### What is required
An exact transcription of all the records below is required, without any images.

[Records contained in a dataset]
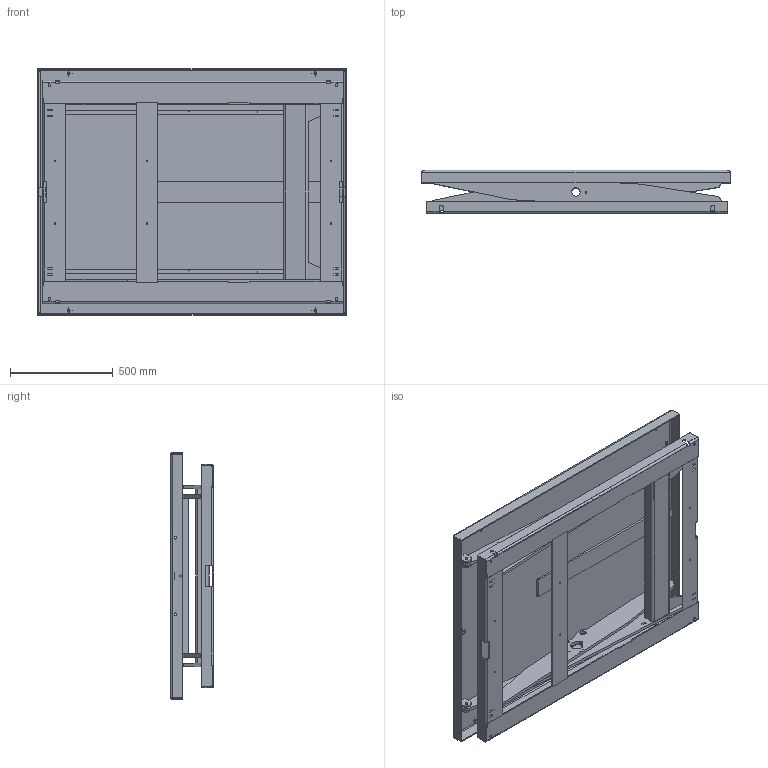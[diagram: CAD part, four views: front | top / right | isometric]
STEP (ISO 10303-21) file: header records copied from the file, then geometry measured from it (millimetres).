
FILE_DESCRIPTION(/* description */ (''),/* implementation_level */ '2;1');
FILE_NAME(/* name */ 'C:\Autodesk_VaultWork\Ritningar\Exporterade modeller\CB 1200 - (524828)\524828_Collapsed.stp',/* time_stamp */ '2019-05-21T09:13:13+02:00',/* author */ ('johso'),/* organization */ (''),/* preprocessor_version */ 'ST-DEVELOPER v16.5',/* originating_system */ 'Autodesk Inventor 2017',/* authorisation */ '');
FILE_SCHEMA (('AUTOMOTIVE_DESIGN { 1 0 10303 214 3 1 1 }'));
Length unit declared in the file: millimetre
Products named in the file (22): 524828; 607763; 607754; 607745; 607673; 607753; 607746; 82159 - 850; 607666; 607786; 607679; 607738; 607736; 607737; 607739; 607735; 607734; 22214-7; 85955; 42394; 80131; 45339
Assembly tree (40 placements, depth 4):
  524828
    607763
      607754
        607745  x2
        607666  x2
        607673
      607753
        607746  x2
        82159 - 850
        607666  x2
        607786  x2
      607679
    607738
      607736  x2
      607737  x2
      607739
      45339  x4
    607735
      607734
      22214-7
      85955
      80131  x4
      45339  x4
      42394  x2
Bounding box: 1500 x 210 x 1200 mm (x, y, z)
Volume: 28081680 mm3; surface area: 8243163.6 mm2
Topology: 34 solids, 34 shells, 1150 faces, 2993 edges, 1940 vertices
Faces by surface type: plane 739, cylinder 337, cone 58, torus 8, bspline 8
Full cylindrical faces by diameter (mm): 6.6 x4, 6.8 x6, 7.4 x2, 8 x4, 10.5 x6, 11.63 x4, 13 x4, 13.835 x1, 14.2 x2, 14.5 x8, 18.5 x1, 19 x1, 22 x8, 30 x4, 30.2 x2
Entity records: 19484 total; most frequent: CARTESIAN_POINT 3878, ORIENTED_EDGE 3082, DIRECTION 3082, EDGE_CURVE 1541, LINE 1180, VECTOR 1180, VERTEX_POINT 1021, AXIS2_PLACEMENT_3D 951

### Reply
[diagram: CAD part, four views: front | top / right | isometric]
STEP (ISO 10303-21) file: header records copied from the file, then geometry measured from it (millimetres).
FILE_DESCRIPTION(/* description */ (''),/* implementation_level */ '2;1');
FILE_NAME(/* name */ 'C:\Autodesk_VaultWork\Ritningar\Exporterade modeller\CB 1200 - (524828)\524828_Collapsed.stp',/* time_stamp */ '2019-05-21T09:13:13+02:00',/* author */ ('johso'),/* organization */ (''),/* preprocessor_version */ 'ST-DEVELOPER v16.5',/* originating_system */ 'Autodesk Inventor 2017',/* authorisation */ '');
FILE_SCHEMA (('AUTOMOTIVE_DESIGN { 1 0 10303 214 3 1 1 }'));
Length unit declared in the file: millimetre
Products named in the file (22): 524828; 607763; 607754; 607745; 607673; 607753; 607746; 82159 - 850; 607666; 607786; 607679; 607738; 607736; 607737; 607739; 607735; 607734; 22214-7; 85955; 42394; 80131; 45339
Assembly tree (40 placements, depth 4):
  524828
    607763
      607754
        607745  x2
        607666  x2
        607673
      607753
        607746  x2
        82159 - 850
        607666  x2
        607786  x2
      607679
    607738
      607736  x2
      607737  x2
      607739
      45339  x4
    607735
      607734
      22214-7
      85955
      80131  x4
      45339  x4
      42394  x2
Bounding box: 1500 x 210 x 1200 mm (x, y, z)
Volume: 28081680 mm3; surface area: 8243163.6 mm2
Topology: 34 solids, 34 shells, 1150 faces, 2993 edges, 1940 vertices
Faces by surface type: plane 739, cylinder 337, cone 58, torus 8, bspline 8
Full cylindrical faces by diameter (mm): 6.6 x4, 6.8 x6, 7.4 x2, 8 x4, 10.5 x6, 11.63 x4, 13 x4, 13.835 x1, 14.2 x2, 14.5 x8, 18.5 x1, 19 x1, 22 x8, 30 x4, 30.2 x2
Entity records: 19484 total; most frequent: CARTESIAN_POINT 3878, ORIENTED_EDGE 3082, DIRECTION 3082, EDGE_CURVE 1541, LINE 1180, VECTOR 1180, VERTEX_POINT 1021, AXIS2_PLACEMENT_3D 951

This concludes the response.